Before you reproduce the entries that follow, strip out any image they contain and keep the rest exact.

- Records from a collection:
★ ★ ★ ★ ★

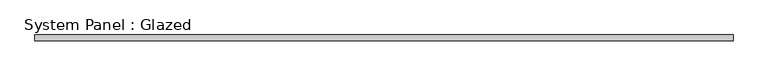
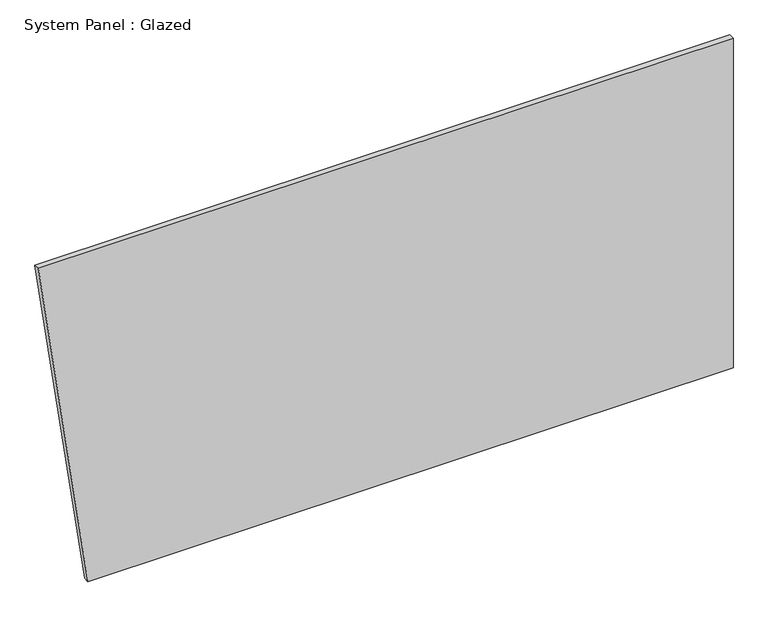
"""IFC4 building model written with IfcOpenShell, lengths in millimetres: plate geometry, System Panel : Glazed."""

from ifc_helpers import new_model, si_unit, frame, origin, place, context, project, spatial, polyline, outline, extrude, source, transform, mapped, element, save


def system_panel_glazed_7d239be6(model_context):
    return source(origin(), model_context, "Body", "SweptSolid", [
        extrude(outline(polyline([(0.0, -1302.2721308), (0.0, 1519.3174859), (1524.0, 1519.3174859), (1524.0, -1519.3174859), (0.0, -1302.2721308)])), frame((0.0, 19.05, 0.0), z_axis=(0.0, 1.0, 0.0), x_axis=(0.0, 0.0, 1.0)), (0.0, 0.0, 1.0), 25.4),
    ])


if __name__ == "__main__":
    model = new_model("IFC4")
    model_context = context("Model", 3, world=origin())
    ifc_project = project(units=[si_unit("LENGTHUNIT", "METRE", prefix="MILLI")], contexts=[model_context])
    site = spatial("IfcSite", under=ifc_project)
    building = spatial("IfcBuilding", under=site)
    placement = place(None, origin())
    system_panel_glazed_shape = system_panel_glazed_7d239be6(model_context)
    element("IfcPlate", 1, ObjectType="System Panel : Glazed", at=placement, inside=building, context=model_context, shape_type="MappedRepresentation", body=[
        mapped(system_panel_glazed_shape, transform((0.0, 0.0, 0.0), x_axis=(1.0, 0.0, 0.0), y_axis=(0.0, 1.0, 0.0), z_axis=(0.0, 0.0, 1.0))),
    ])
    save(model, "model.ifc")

★ ★ ★ ★ ★

- Your response:
"""IFC4 building model written with IfcOpenShell, lengths in millimetres: plate geometry, System Panel : Glazed."""

from ifc_helpers import new_model, si_unit, frame, origin, place, context, project, spatial, polyline, outline, extrude, source, transform, mapped, element, save


def system_panel_glazed_7d239be6(model_context):
    return source(origin(), model_context, "Body", "SweptSolid", [
        extrude(outline(polyline([(0.0, -1302.2721308), (0.0, 1519.3174859), (1524.0, 1519.3174859), (1524.0, -1519.3174859), (0.0, -1302.2721308)])), frame((0.0, 19.05, 0.0), z_axis=(0.0, 1.0, 0.0), x_axis=(0.0, 0.0, 1.0)), (0.0, 0.0, 1.0), 25.4),
    ])


if __name__ == "__main__":
    model = new_model("IFC4")
    model_context = context("Model", 3, world=origin())
    ifc_project = project(units=[si_unit("LENGTHUNIT", "METRE", prefix="MILLI")], contexts=[model_context])
    site = spatial("IfcSite", under=ifc_project)
    building = spatial("IfcBuilding", under=site)
    placement = place(None, origin())
    system_panel_glazed_shape = system_panel_glazed_7d239be6(model_context)
    element("IfcPlate", 1, ObjectType="System Panel : Glazed", at=placement, inside=building, context=model_context, shape_type="MappedRepresentation", body=[
        mapped(system_panel_glazed_shape, transform((0.0, 0.0, 0.0), x_axis=(1.0, 0.0, 0.0), y_axis=(0.0, 1.0, 0.0), z_axis=(0.0, 0.0, 1.0))),
    ])
    save(model, "model.ifc")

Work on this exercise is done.